The following is a summary of the types of professionals that usually treat panic disorder:
Psychiatrists are physicians who specialize in treating psychiatric conditions. Training for these professionals includes a residency lasing several years that focuses on the treatment of emotional disorders. A psychiatrist will have the acronym, “MD” or “DO” after his or her name. MD refers to a Doctor of Medicine and DO refers to a Doctor of Osteopathic Medicine. Both must complete rigorous studies, pass comparable state licensing examinations and are able to perform the same procedures within their specialty. Psychiatrists are able to prescribe medicine and provide a variety of psychological therapies to treat panic disorder.
Psychologists are professionals who can provide individual, family and group therapy. They are also trained to do a variety of psychological testing. A psychologist that has a doctorate in his or her specialty will have the acronym, PhD or PsyD after his or her name. Although psychologists may use the term “doctor” before their name, they are usually unable to prescribe medicine. Only two states, Louisiana and New Mexico, currently have legislation that allows clinical psychologists to prescribe medications.
Licensed Counselors, Therapists and Social Workers
All states except California will allow licensure of professionals who have at least a master’s degree in a mental health related field. Master’s level professionals are trained to treat a variety of psychological illnesses using individual, family and group therapies. Licensure generally allows these professionals to accept insurance reimbursement.
The terms used to designate licensure of master’s level professionals vary by state. Commonly, these providers are designated by one of the following:
- Licensed Clinical Professional Counselor (LCPC)
- Licensed Professional Counselor (LPC)
- Licensed Mental Health Counselor (LMHC)
- Licensed Professional Mental Health Counselor (LPMHC)
- Licensed Clinical Social Worker (LCSW)
- Licensed Marriage and Family Therapist (LMFT)
Non-licensed professionals who treat panic disorder will usually have at least a master’s degree. Some of these providers may be certified, registered or working under the supervision of a licensed professional. Others may be fulfilling post-graduate experience under a licensed professional’s supervision in order to become qualified for state licensure. Your medical insurance company will probably not pay for non-licensed professionals.
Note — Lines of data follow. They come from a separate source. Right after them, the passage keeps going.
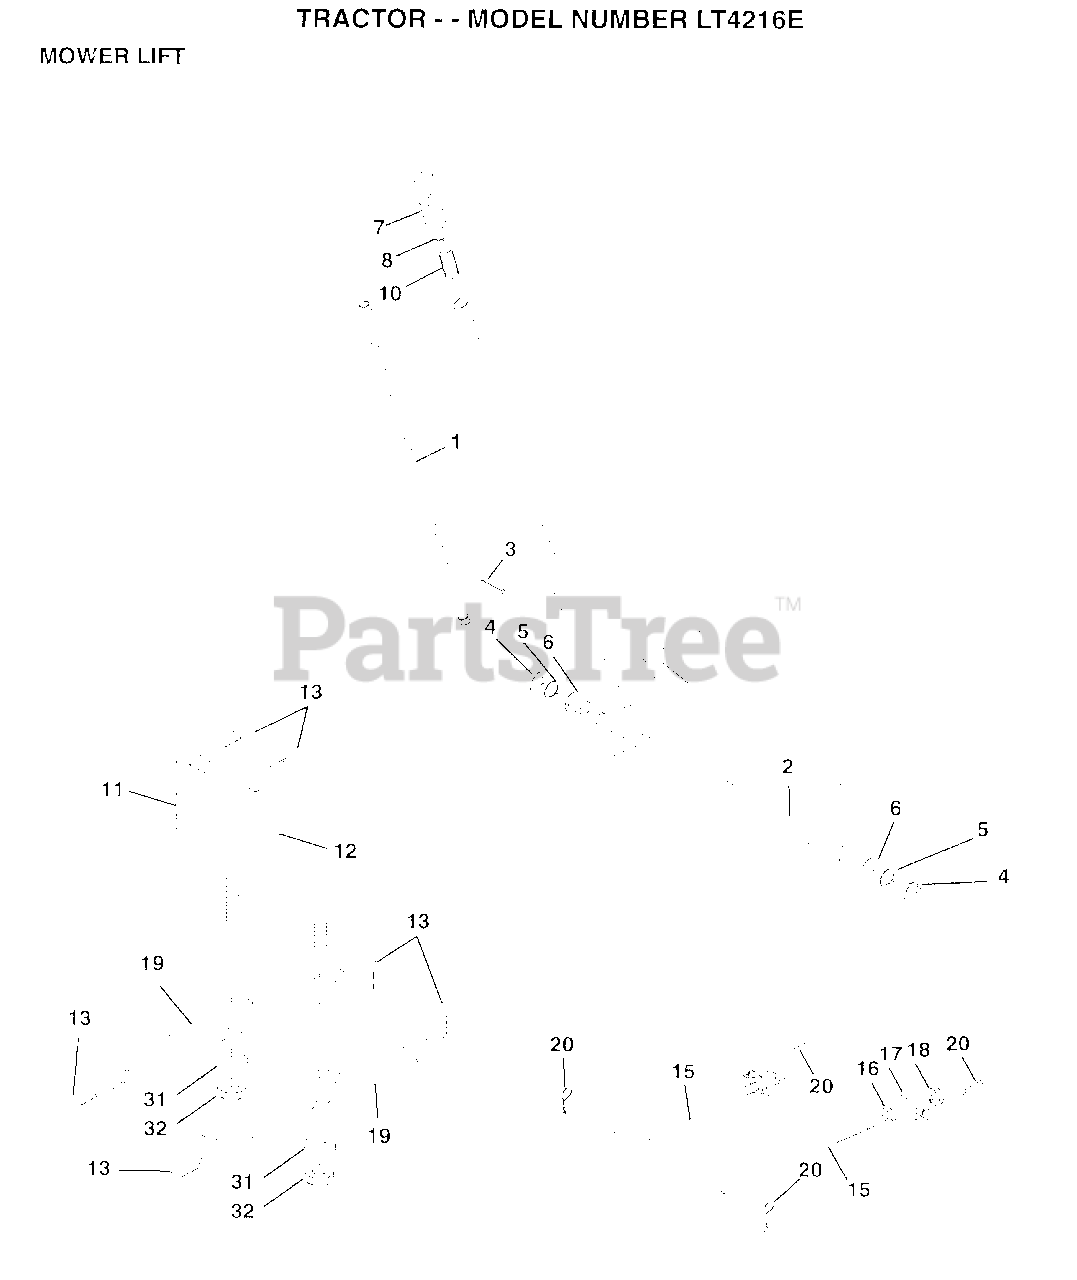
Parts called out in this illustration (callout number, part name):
1	WIRE ASM
2	HANDLE.LIFT.LH.
3	PIN GROOVE
5	WASHER
6	NYLON BEARING
7	GRIP
15	LINK.FRONT
16	NUT
17	TRUNION
18	NUT.LK.W/WSH.1/2.
19	ARM SUSP REAR
20	RETAINER.SPRING
31	BEARING PVT LH
32	NUT.CROWNLOCK.3/8

While many providers have impressive titles and qualifications, it is important that you choose one who is experienced in treating anxiety disorders and with whom you feel comfortable. It may be helpful to ask yourself these questions:
- Do I trust my doctor or therapist?
- Do I believe my doctor or therapist is knowledgeable about panic disorder?
- Do I feel like I’m being heard and understood?
- Do I feel I can easily open up and talk to my doctor or therapist?
- Will I be able to get a hold of my treating provider if I have an after-hours emergency?
You may not “click” with your first choice, or even your second or third. But, don’t give up. It’s not uncommon to see several providers before you find one that you really feel comfortable with.